### AIM OF THE EXERCISE
With all pictures omitted, return verbatim the lines from the beginning of the records below through the line containing "doc.units = 0".

* * * * * * * * *

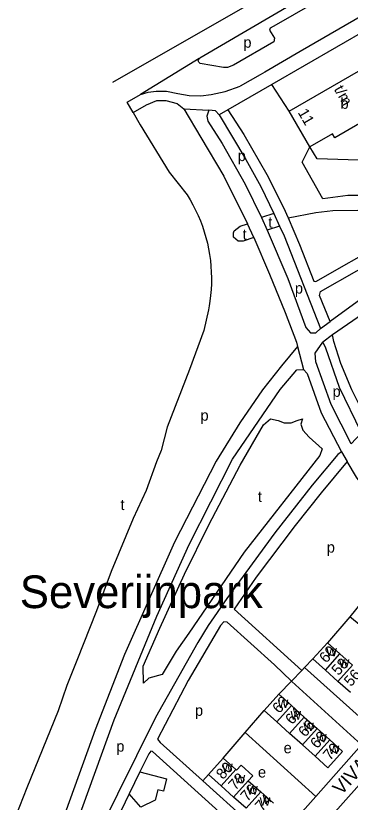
# Model space of a CAD drawing. Extents: x 159045 to 160918, y 380454 to 382516.
# Drawn here: x 159318.3 to 159441.1, y 382048.4 to 382337.4 of the extents above; entities that cross this region are included whole.
import ezdxf

# ---------------------------------------------------------------- set-up
doc = ezdxf.new("R2010")
doc.units = 0
for name, color, linetype in [('BLT_Basislijn', 7, 'Continuous'), ('BLT_Bebouwing', 7, 'Continuous'), ('BLT_Centroide', 7, 'Continuous'), ('BLT_Huisnummer', 7, 'Continuous'), ('BLT_Huisnummer_ tussenligend', 7, 'Continuous'), ('BLT_Huisnummer_reeks', 7, 'Continuous'), ('BLT_Onderverdeling_panden', 7, 'Continuous'), ('BLT_Sport_parknaam', 7, 'Continuous'), ('BLT_Straatnaam', 7, 'Continuous'), ('BLT_Vlakafsluiter', 7, 'Continuous')]:
    doc.layers.add(name, color=color, linetype=linetype)

msp = doc.modelspace()

# ---------------------------------------------------------------- linework, layer by layer
at = {"layer": 'BLT_Basislijn'}
for p, q in [((159494.14, 382393.47), (159353.79, 382312.86)), ((159512.55, 382376.27), (159422.73, 382324.31)), ((159507.03, 382367.04), (159412.29, 382312.23)), ((159420.65, 382342.17), (159385.91, 382321.89)), ((159385.58, 382321.68), (159385.91, 382321.89)), ((159422.73, 382324.31), (159409.73, 382316.76)), ((159409.73, 382316.76), (159407.99, 382315.75)), ((159407.99, 382315.75), (159400.66, 382311.52)), ((159412.29, 382312.23), (159396.13, 382302.88)), ((159418.68, 382302.38), (159412.29, 382312.23)), ((159359.18, 382305.7), (159364.06, 382308.47)), ((159361.4, 382301.85), (159361.31, 382301.8)), ((159396.13, 382302.88), (159392.96, 382301.05)), ((159428.9, 382284.85), (159426.23, 382289.25)), ((159462.69, 382283.81), (159428.9, 382284.85)), ((159374.6, 382279.99), (159381.19, 382271.64)), ((159416.59, 382267.01), (159418.25, 382263.17)), ((159413.01, 382264.77), (159408.52, 382263.36)), ((159413.01, 382264.77), (159415.11, 382260.15)), ((159408.52, 382263.36), (159410.6, 382258.69)), ((159405.64, 382256), (159403.35, 382261)), ((159415.11, 382260.15), (159410.6, 382258.69)), ((159430.17, 382222.56), (159433.75, 382225.1)), ((159434.58, 382220.18), (159431.06, 382217.46)), ((159437.83, 382177.21), (159439.91, 382173.65)), ((159445.62, 382122.3), (159440.87, 382116.62)), ((159440.87, 382116.62), (159432.69, 382107.06)), ((159427.35, 382101.11), (159424.31, 382097.97)), ((159423.26, 382096.88), (159419.49, 382092.97)), ((159424.31, 382097.97), (159423.26, 382096.88)), ((159450.05, 382074.76), (159424.31, 382097.97)), ((159419.49, 382092.97), (159414.82, 382088.15)), ((159402.54, 382074.05), (159409.44, 382082.15)), ((159394.46, 382064.58), (159402.54, 382074.05)), ((159402.54, 382074.05), (159428.38, 382050.54)), ((159445.22, 382069.48), (159428.38, 382050.54)), ((159387.02, 382056.3), (159389.08, 382058.58)), ((159387.02, 382056.3), (159412.8, 382033.08)), ((159322.34, 382053.71), (159318.3, 382043.44)), ((159412.8, 382033.08), (159428.38, 382050.54))]:
    msp.add_line(p, q, dxfattribs=at)
for points in [[(159501.17, 382387.34), (159501.9, 382387.24), (159502.71, 382386.42), (159503.24, 382384.81), (159503.24, 382382.34), (159502.64, 382380.86), (159501.42, 382379.08), (159500.46, 382378.31), (159497.68, 382376.68), (159496.51, 382377.03), (159494.66, 382380.2), (159493.96, 382380.33), (159413.82, 382334.09)], [(159592.57, 382343.04), (159590.44, 382339.54), (159588.26, 382337.01), (159584.78, 382334.23), (159580.18, 382331.31), (159560.97, 382326.03), (159552.16, 382321.45), (159546.85, 382317.26), (159543.9, 382313.98), (159537.31, 382304.44), (159532.38, 382299.35), (159524.92, 382294.23), (159519.04, 382291.75), (159461.4, 382270.09), (159448.2, 382271.36), (159440.22, 382271.36), (159430.99, 382270.17), (159423.36, 382283.59), (159426.23, 382289.25)], [(159418.25, 382263.17), (159428.39, 382265.11), (159434.66, 382265.93), (159443.56, 382265.97), (159459.49, 382265.16), (159462.83, 382265.29), (159508.3, 382282.41), (159524.15, 382288.09), (159528.25, 382289.87), (159532.86, 382292.9), (159538.43, 382297.92), (159542.44, 382303.14), (159547.33, 382310.25), (159553.12, 382315.98), (159556.64, 382318.44), (159564.66, 382322.52), (159582.73, 382326.86), (159585.81, 382328.45), (159591.54, 382332.65), (159594.65, 382336.58), (159597.52, 382341.03)], [(159413.82, 382334.09), (159411.69, 382332.86), (159411.48, 382332.18), (159413.25, 382329.18), (159413, 382327.83), (159398.22, 382319.31), (159396.04, 382318.47), (159394.58, 382318.44), (159385.93, 382319.93), (159385.45, 382320.32), (159385.23, 382320.9), (159385.58, 382321.68)], [(159418.25, 382263.17), (159422.47, 382253.34), (159427.75, 382239.88), (159428.39, 382239.82), (159453.73, 382254.29), (159461.54, 382258.1), (159522.36, 382281.45), (159530.86, 382285.26), (159544.31, 382291.88), (159569.69, 382306.51), (159584.22, 382316.36), (159597.39, 382326.49), (159609.16, 382336.32)], [(159364.06, 382308.47), (159366.94, 382309.34), (159369.88, 382309.76), (159373.62, 382309.72), (159377.78, 382308.92), (159381.94, 382308.13), (159386.17, 382307.96), (159390.04, 382308.45), (159395.11, 382309.55), (159400.66, 382311.52)], [(159361.4, 382301.85), (159366.27, 382304.65), (159370.02, 382306.28), (159373.36, 382306.34), (159377.51, 382305.13), (159380.01, 382303.17)], [(159361.4, 382301.85), (159363.99, 382297.37), (159374.6, 382279.99)], [(159380.01, 382303.17), (159386.25, 382292.64)], [(159389.22, 382302.69), (159388.4, 382300.52), (159388.85, 382298.67)], [(159392.96, 382301.05), (159391.63, 382302.5), (159389.22, 382302.69)], [(159396.13, 382302.88), (159402.02, 382293.8), (159410.5, 382279.16), (159416.59, 382267.01)], [(159392.96, 382301.05), (159402.77, 382284.64), (159408.25, 382274.7), (159413.01, 382264.77)], [(159388.85, 382298.67), (159394.04, 382290.45), (159402.47, 382275.5), (159408.52, 382263.36)], [(159386.25, 382292.64), (159394.67, 382278.52), (159403.35, 382261)], [(159381.19, 382271.64), (159382.31, 382269.8), (159383.35, 382267.93), (159384.33, 382266.01), (159385.23, 382264.06), (159386.06, 382262.08), (159386.81, 382260.07), (159387.49, 382258.03), (159388.1, 382255.97), (159388.62, 382253.89), (159389.07, 382251.79), (159389.44, 382249.67), (159389.73, 382247.54), (159389.94, 382245.4), (159390.07, 382243.26), (159390.12, 382241.11), (159390.1, 382238.96), (159389.99, 382236.82), (159389.8, 382234.68), (159389.53, 382232.55), (159389.25, 382230.79)], [(159433.75, 382225.1), (159429.82, 382234.7), (159430.2, 382236.06), (159443.48, 382243.73), (159460.6, 382252.85), (159474.82, 382258.74), (159507, 382269.81), (159508.24, 382269.6), (159513.86, 382263.59)], [(159513.86, 382263.59), (159504.57, 382259.78), (159475.84, 382249.58), (159459.14, 382241.72), (159444.96, 382233.32), (159433.75, 382225.1)], [(159405.64, 382256), (159401.76, 382254.66), (159399.9, 382254.6), (159398.24, 382256.09), (159398.17, 382257.62), (159398.47, 382258.38), (159400.62, 382260.07), (159403.35, 382261)], [(159410.6, 382258.69), (159418.11, 382240.9), (159424.77, 382222.88), (159426.48, 382220.96), (159428.48, 382220.91), (159430.17, 382222.56)], [(159415.11, 382260.15), (159416.78, 382256.54), (159430.17, 382222.56)], [(159517.65, 382260.05), (159525, 382252.54), (159525, 382252.12), (159503.6, 382236.13), (159486.59, 382222.34), (159464.32, 382203.08), (159448.99, 382187.66), (159448.36, 382187.58), (159447.53, 382188.28), (159441.59, 382199.97), (159437.61, 382209.67), (159435.01, 382217.76), (159434.58, 382220.18)], [(159517.65, 382260.05), (159479.27, 382245.99), (159474.5, 382243.85), (159454.62, 382233.99), (159434.58, 382220.18)], [(159405.64, 382256), (159411.49, 382242.52), (159417.17, 382228.38), (159421.39, 382217.46), (159421.69, 382215.85)], [(159389.25, 382230.79), (159389.01, 382229.34), (159387.3, 382221.73), (159382.01, 382207.45), (159373.92, 382186.32), (159371.65, 382177.7)], [(159421.69, 382215.85), (159415.79, 382208.81), (159408.92, 382199.96), (159400.59, 382187.82), (159391.83, 382173.72), (159376.55, 382143.99), (159358.26, 382102.74), (159347.5, 382075.04), (159336.81, 382045.51), (159335.16, 382040.3)], [(159441.46, 382180.13), (159434.11, 382194.56), (159428.39, 382210.3), (159428.23, 382213.48), (159431.06, 382217.46)], [(159431.06, 382217.46), (159432.01, 382215.41), (159436.97, 382200.92), (159444.92, 382184.55), (159444.96, 382183.94), (159441.46, 382180.13)], [(159348.67, 382037.27), (159341.56, 382037.74), (159340.45, 382039.52), (159340.45, 382040.16), (159354.44, 382078.73), (159370.08, 382116.79), (159381.97, 382143.1), (159397.86, 382174.46), (159415.4, 382200.16), (159421.45, 382207.36), (159423.93, 382207.44)], [(159423.93, 382207.44), (159425.21, 382206.01), (159430.45, 382191.54), (159437.83, 382177.21)], [(159371.65, 382177.7), (159370, 382173.51), (159366.12, 382163.01), (159361.34, 382152.69)], [(159437.83, 382177.21), (159436.45, 382176.18), (159427.13, 382164.93), (159413.36, 382147.49), (159395.71, 382123.28), (159388.95, 382113.4), (159385.13, 382107.2), (159369.55, 382079.59), (159348.67, 382037.27)], [(159439.91, 382173.65), (159430.45, 382162.19), (159420.79, 382150.14), (159406.49, 382131.2), (159398.46, 382119.33), (159423.26, 382096.88)], [(159473.33, 382132.75), (159464.63, 382141.49), (159454.94, 382151.94), (159443.35, 382167.93), (159439.91, 382173.65)], [(159361.34, 382152.69), (159353.38, 382133.22), (159347.91, 382118.74), (159340.69, 382100.49)], [(159419.49, 382092.97), (159413.27, 382098.99), (159395.86, 382114.62), (159394.61, 382114.78), (159393.5, 382113.41), (159381.64, 382093.2), (159370.29, 382071.58), (159371.33, 382070.37), (159386.9, 382056.41), (159387.02, 382056.3)], [(159466.71, 382093.52), (159446.24, 382112.11), (159440.87, 382116.62)], [(159340.69, 382100.49), (159337.01, 382091.36), (159333.82, 382082.04), (159322.34, 382053.71)], [(159445.22, 382069.48), (159419.61, 382092.85), (159419.49, 382092.97)], [(159409.77, 382029.71), (159368.44, 382067.04), (159367.87, 382067.22), (159367.16, 382066.23), (159363.9, 382059.57)], [(159363.9, 382059.57), (159373.68, 382056.99), (159372.49, 382052.5), (159370.48, 382053.03), (159369.48, 382049.24), (159364.19, 382046.58), (159359.96, 382051.54)], [(159363.9, 382059.57), (159359.96, 382051.54)], [(159445.41, 382056.01), (159420.6, 382028.1), (159419.67, 382026.94)], [(159359.96, 382051.54), (159356.94, 382045.38), (159353.22, 382036.77)]]:
    msp.add_lwpolyline(points, dxfattribs=at)
msp.add_lwpolyline([(159423.5, 382189.3), (159422.89, 382187.38), (159423.67, 382185.22), (159425.96, 382182.54), (159430.76, 382178.32), (159429.91, 382175.83), (159402.15, 382140.33), (159381.86, 382110.52), (159377.16, 382103.9), (159372.05, 382095.43), (159367.17, 382094.07), (159365.14, 382092.19), (159365.06, 382098.42), (159371.18, 382112.41), (159380.22, 382132.24), (159389.22, 382150.42), (159400.61, 382172.28), (159409.27, 382187.12), (159411.82, 382189.35), (159414.66, 382188.66), (159416.77, 382187.85), (159419.43, 382187.82), (159421.56, 382188.66)], close=True, dxfattribs=at)
at = {"layer": 'BLT_Bebouwing'}
for p, q in [((159427.35, 382101.11), (159432.69, 382107.06)), ((159432.69, 382107.06), (159437.28, 382102.93)), ((159437.28, 382102.93), (159441.88, 382098.81)), ((159431.94, 382096.98), (159427.35, 382101.11)), ((159436.54, 382092.86), (159431.94, 382096.98)), ((159441.13, 382088.73), (159436.54, 382092.86)), ((159409.44, 382082.15), (159414.82, 382088.15)), ((159414.82, 382088.15), (159419.51, 382083.94)), ((159414.12, 382077.94), (159409.44, 382082.15)), ((159419.51, 382083.94), (159424.19, 382079.74)), ((159424.19, 382079.74), (159428.88, 382075.53)), ((159418.81, 382073.74), (159414.12, 382077.94)), ((159423.49, 382069.53), (159418.81, 382073.74)), ((159428.88, 382075.53), (159433.56, 382071.33)), ((159428.18, 382065.33), (159423.49, 382069.53)), ((159389.08, 382058.58), (159394.46, 382064.58)), ((159394.46, 382064.58), (159399.05, 382060.45)), ((159393.67, 382054.46), (159389.08, 382058.58)), ((159403.65, 382056.33), (159408.24, 382052.21)), ((159398.27, 382050.33), (159393.67, 382054.46)), ((159402.86, 382046.21), (159398.27, 382050.33)), ((159408.24, 382052.21), (159412.84, 382048.08))]:
    msp.add_line(p, q, dxfattribs=at)
for points in [[(159418.68, 382302.38), (159453.66, 382322.57), (159461.24, 382309.46), (159447.4, 382301.46), (159448.22, 382300.04), (159435.38, 382292.63), (159434.56, 382294.05), (159426.23, 382289.25)], [(159426.23, 382289.25), (159418.68, 382302.38)], [(159433.56, 382071.33), (159438.24, 382067.12), (159432.86, 382061.12), (159428.18, 382065.33)], [(159399.05, 382060.45), (159399.29, 382060.24), (159400.97, 382062.1), (159405.32, 382058.17), (159403.65, 382056.33)]]:
    msp.add_lwpolyline(points, dxfattribs=at)
at = {"layer": 'BLT_Onderverdeling_panden'}
for p, q in [((159431.94, 382096.98), (159437.28, 382102.93)), ((159436.54, 382092.86), (159441.88, 382098.81)), ((159414.12, 382077.94), (159419.51, 382083.94)), ((159418.81, 382073.74), (159424.19, 382079.74)), ((159423.49, 382069.53), (159428.88, 382075.53)), ((159428.18, 382065.33), (159433.56, 382071.33)), ((159393.67, 382054.46), (159399.05, 382060.45)), ((159398.27, 382050.33), (159403.65, 382056.33)), ((159402.86, 382046.21), (159408.24, 382052.21))]:
    msp.add_line(p, q, dxfattribs=at)
at = {"layer": 'BLT_Vlakafsluiter'}
for p, q in [((159385.58, 382321.68), (159364.06, 382308.47)), ((159361.4, 382301.85), (159359.18, 382305.7)), ((159380.01, 382303.17), (159389.22, 382302.69)), ((159421.69, 382215.85), (159423.93, 382207.44))]:
    msp.add_line(p, q, dxfattribs=at)

# ---------------------------------------------------------------- texts
at = {"layer": 'BLT_Centroide'}
for s, p in [('p', (159401.85, 382325.69)), ('b', (159437.49, 382303.24)), ('p', (159399.76, 382284.03)), ('t', (159410.99, 382259.59)), ('t', (159401.58, 382255.11)), ('p', (159420.74, 382235.35)), ('p', (159434.57, 382197.41)), ('p', (159386.1, 382188.63)), ('t', (159407.15, 382158.78)), ('t', (159356.73, 382155.8)), ('p', (159432.46, 382140.17)), ('w', (159432.31, 382102.03)), ('w', (159436.91, 382097.91)), ('w', (159414.47, 382083.05)), ('p', (159384.09, 382080.2)), ('w', (159419.16, 382078.84)), ('w', (159423.84, 382074.64)), ('w', (159428.53, 382070.44)), ('p', (159355.22, 382067.05)), ('e', (159416.61, 382066.45)), ('w', (159433.2, 382066.22)), ('w', (159394.06, 382059.52)), ('e', (159407.2, 382057.53)), ('w', (159398.66, 382055.41)), ('w', (159403.25, 382051.28)), ('w', (159407.84, 382047.16))]:
    msp.add_text(s, height=4, dxfattribs=at).set_placement(p)
at = {"layer": 'BLT_Huisnummer'}
for s, rotation, p in [('60', 48.0975, (159432.24, 382099.32)), ('56', 48.0932, (159441.32, 382090.69)), ('62', 48.0926, (159415.02, 382080.81)), ('66', 48.0931, (159424.52, 382072.13)), ('70', 48.0926, (159433.6, 382063.57)), ('80', 48.0947, (159394.37, 382056.56)), ('76', 48.0953, (159403.32, 382048.47))]:
    msp.add_text(s, height=4, rotation=rotation, dxfattribs=at).set_placement(p)
at = {"layer": 'BLT_Huisnummer_ tussenligend'}
for s, rotation, p in [('58', 48.0932, (159436.74, 382094.77)), ('64', 48.0926, (159419.76, 382076.73)), ('68', 48.0931, (159428.93, 382067.9)), ('78', 48.0953, (159398.92, 382052.55)), ('74', 48.0947, (159408.68, 382044.82))]:
    msp.add_text(s, height=4, rotation=rotation, dxfattribs=at).set_placement(p)
at = {"layer": 'BLT_Huisnummer_reeks'}
for s, rotation, p in [('t/m', 300.0345, (159434.95, 382310.45)), ('11', 299.8992, (159421.7, 382301.92))]:
    msp.add_text(s, height=4, rotation=rotation, dxfattribs=at).set_placement(p)
at = {"layer": 'BLT_Sport_parknaam'}
msp.add_text('Severijnpark', height=12, dxfattribs=at).set_placement((159319.78, 382119.77))
at = {"layer": 'BLT_Straatnaam'}
msp.add_text('VIVALDISTRAAT', height=5, rotation=47.8952, dxfattribs=at).set_placement((159437.81, 382050.82))

doc.saveas('drawing.dxf')

* * * * * * * * *

### TASK RESPONSE
# Model space of a CAD drawing. Extents: x 159045 to 160918, y 380454 to 382516.
# Drawn here: x 159318.3 to 159441.1, y 382048.4 to 382337.4 of the extents above; entities that cross this region are included whole.
import ezdxf

# ---------------------------------------------------------------- set-up
doc = ezdxf.new("R2010")
doc.units = 0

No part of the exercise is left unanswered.